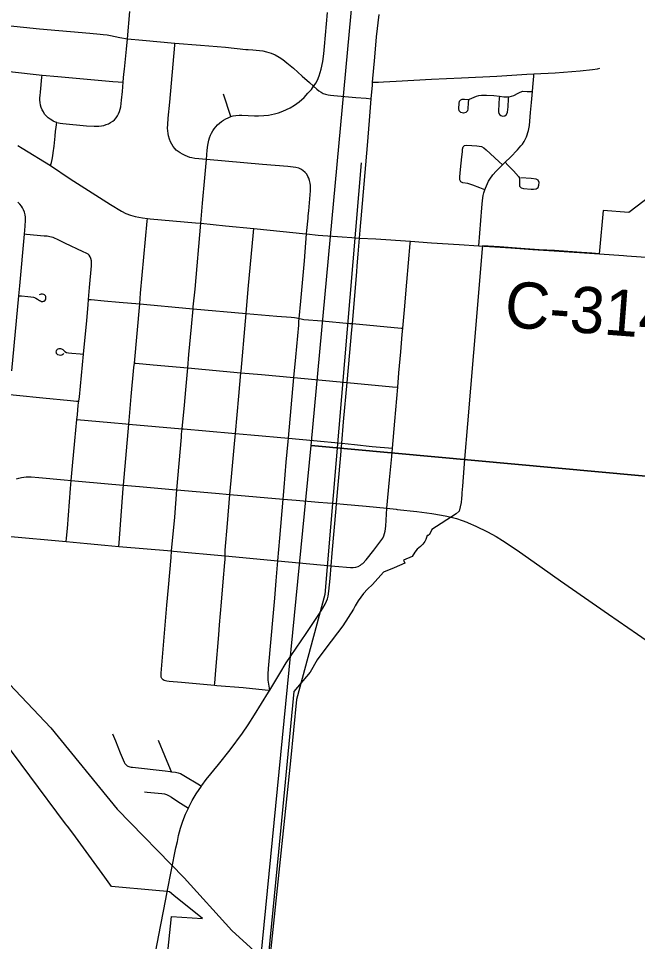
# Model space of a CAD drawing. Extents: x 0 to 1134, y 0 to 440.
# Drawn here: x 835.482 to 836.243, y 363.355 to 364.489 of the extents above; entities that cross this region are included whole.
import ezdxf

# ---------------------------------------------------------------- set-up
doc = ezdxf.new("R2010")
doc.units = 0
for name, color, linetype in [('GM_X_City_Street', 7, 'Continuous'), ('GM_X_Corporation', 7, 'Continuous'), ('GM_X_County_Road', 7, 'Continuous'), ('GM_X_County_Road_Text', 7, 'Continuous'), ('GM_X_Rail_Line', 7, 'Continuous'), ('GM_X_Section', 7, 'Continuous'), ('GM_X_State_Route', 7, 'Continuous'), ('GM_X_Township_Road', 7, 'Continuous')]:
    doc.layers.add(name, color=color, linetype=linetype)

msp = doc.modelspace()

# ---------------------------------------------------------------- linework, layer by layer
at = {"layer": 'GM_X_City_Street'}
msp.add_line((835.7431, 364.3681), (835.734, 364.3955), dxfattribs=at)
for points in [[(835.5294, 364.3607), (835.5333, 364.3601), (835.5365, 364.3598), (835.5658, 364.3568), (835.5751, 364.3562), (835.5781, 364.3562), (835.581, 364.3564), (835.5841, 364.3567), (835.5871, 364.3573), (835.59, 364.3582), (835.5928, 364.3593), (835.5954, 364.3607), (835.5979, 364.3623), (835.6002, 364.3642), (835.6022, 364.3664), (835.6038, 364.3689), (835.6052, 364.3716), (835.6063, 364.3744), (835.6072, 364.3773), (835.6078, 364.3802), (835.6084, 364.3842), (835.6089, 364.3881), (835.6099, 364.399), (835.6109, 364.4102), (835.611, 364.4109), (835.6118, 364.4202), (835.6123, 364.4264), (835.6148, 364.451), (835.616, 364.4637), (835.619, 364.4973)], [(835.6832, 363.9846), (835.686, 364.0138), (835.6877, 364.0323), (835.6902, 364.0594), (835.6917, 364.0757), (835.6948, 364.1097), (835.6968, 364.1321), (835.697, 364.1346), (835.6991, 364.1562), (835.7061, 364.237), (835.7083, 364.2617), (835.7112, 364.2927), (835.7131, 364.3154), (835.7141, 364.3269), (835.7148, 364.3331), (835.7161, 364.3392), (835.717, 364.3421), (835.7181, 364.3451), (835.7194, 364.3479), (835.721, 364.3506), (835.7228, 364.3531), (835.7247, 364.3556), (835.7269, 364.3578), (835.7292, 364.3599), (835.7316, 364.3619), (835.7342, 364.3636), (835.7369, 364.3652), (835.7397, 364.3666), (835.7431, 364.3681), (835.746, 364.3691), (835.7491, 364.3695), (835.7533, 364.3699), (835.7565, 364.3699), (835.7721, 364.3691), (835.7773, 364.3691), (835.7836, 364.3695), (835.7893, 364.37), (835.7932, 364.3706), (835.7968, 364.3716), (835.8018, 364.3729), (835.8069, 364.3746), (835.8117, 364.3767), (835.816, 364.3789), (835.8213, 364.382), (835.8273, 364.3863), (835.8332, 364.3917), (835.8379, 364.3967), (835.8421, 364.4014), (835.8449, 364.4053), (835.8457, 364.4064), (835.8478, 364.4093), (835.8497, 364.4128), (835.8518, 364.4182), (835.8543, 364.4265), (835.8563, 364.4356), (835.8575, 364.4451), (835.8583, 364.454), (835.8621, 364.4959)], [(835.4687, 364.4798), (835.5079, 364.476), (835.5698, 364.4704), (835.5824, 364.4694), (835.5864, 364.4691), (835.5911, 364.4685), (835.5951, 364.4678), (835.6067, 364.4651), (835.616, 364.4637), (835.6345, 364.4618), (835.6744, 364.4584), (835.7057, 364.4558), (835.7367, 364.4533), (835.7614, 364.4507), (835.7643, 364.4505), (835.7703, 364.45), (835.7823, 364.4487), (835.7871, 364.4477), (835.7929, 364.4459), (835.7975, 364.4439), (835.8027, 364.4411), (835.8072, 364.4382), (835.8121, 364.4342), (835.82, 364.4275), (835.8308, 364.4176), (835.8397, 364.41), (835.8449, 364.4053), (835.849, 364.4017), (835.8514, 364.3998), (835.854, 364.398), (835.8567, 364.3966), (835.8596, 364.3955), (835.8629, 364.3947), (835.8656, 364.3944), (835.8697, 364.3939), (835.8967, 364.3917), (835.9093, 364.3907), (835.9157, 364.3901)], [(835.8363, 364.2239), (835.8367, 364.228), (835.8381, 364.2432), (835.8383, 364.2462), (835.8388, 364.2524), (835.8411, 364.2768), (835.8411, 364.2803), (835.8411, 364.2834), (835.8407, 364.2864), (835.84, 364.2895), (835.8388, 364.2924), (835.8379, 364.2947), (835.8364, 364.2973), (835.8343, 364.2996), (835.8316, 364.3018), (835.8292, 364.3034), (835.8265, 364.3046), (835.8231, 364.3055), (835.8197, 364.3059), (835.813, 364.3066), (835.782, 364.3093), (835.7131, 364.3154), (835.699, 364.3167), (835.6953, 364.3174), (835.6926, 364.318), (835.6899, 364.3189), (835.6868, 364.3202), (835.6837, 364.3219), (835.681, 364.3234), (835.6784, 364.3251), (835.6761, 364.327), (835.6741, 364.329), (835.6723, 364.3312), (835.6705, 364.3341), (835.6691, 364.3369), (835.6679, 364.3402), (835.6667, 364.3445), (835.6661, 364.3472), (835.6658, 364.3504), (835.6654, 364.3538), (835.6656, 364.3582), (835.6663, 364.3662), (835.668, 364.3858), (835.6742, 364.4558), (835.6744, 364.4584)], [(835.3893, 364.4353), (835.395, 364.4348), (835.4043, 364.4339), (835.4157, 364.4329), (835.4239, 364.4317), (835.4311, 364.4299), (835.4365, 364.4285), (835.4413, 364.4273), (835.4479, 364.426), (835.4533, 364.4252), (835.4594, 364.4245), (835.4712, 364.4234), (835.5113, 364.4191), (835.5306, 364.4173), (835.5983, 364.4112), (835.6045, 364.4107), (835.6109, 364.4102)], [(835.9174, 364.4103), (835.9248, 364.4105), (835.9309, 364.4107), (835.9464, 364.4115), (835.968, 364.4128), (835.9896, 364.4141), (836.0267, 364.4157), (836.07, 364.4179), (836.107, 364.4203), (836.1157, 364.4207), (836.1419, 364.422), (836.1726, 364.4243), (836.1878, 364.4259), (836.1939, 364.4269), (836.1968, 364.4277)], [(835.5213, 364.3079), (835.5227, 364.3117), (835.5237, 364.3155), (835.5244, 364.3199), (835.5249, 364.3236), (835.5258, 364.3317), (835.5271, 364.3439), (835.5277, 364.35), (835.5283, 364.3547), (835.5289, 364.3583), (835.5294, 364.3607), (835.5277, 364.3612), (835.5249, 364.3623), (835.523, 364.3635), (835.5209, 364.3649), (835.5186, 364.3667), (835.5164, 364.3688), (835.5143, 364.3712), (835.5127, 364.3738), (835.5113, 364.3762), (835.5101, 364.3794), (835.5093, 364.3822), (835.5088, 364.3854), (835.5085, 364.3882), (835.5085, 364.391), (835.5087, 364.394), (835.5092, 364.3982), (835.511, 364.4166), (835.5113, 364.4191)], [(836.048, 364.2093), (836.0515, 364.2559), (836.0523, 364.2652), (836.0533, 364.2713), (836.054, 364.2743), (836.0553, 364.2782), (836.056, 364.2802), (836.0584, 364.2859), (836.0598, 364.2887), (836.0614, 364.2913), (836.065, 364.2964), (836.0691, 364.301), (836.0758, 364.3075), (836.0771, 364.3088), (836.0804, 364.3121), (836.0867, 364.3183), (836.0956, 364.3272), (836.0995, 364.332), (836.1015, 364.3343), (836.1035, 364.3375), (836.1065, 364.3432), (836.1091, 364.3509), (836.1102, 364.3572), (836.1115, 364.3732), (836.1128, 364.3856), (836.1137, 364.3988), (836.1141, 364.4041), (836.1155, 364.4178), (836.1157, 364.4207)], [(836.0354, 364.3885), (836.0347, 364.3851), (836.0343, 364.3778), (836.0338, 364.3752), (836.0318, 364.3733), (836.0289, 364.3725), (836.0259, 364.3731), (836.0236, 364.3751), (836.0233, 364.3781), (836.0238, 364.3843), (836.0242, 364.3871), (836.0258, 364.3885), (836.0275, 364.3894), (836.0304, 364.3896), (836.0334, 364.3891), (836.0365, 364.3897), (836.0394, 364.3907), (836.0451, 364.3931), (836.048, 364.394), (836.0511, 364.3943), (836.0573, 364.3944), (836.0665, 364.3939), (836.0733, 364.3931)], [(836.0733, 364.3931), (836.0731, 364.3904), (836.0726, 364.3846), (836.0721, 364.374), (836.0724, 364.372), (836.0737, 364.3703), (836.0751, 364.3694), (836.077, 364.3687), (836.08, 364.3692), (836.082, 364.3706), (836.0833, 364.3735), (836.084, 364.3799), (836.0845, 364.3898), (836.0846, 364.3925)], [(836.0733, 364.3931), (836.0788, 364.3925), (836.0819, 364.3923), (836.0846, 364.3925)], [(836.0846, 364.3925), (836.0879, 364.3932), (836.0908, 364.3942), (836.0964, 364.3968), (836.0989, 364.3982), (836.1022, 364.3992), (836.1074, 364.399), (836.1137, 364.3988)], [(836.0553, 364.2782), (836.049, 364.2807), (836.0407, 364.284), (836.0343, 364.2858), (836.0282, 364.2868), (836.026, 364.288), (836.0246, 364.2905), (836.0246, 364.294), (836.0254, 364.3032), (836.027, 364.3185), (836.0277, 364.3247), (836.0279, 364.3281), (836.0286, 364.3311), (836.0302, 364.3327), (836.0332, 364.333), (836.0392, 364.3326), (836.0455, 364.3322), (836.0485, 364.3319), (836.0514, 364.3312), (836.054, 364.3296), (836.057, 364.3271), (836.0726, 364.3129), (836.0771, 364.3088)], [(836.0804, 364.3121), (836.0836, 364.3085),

--------------------------------------------------

* [Problem] Could you reproduce exactly the lines of the entries above, from the one with "msp = doc.modelspace()" through the one with "(835.734, 364.3955), dxfattribs=at)", and nothing else?

* [Answer space]
msp = doc.modelspace()

# ---------------------------------------------------------------- linework, layer by layer
at = {"layer": 'GM_X_City_Street'}
msp.add_line((835.7431, 364.3681), (835.734, 364.3955), dxfattribs=at)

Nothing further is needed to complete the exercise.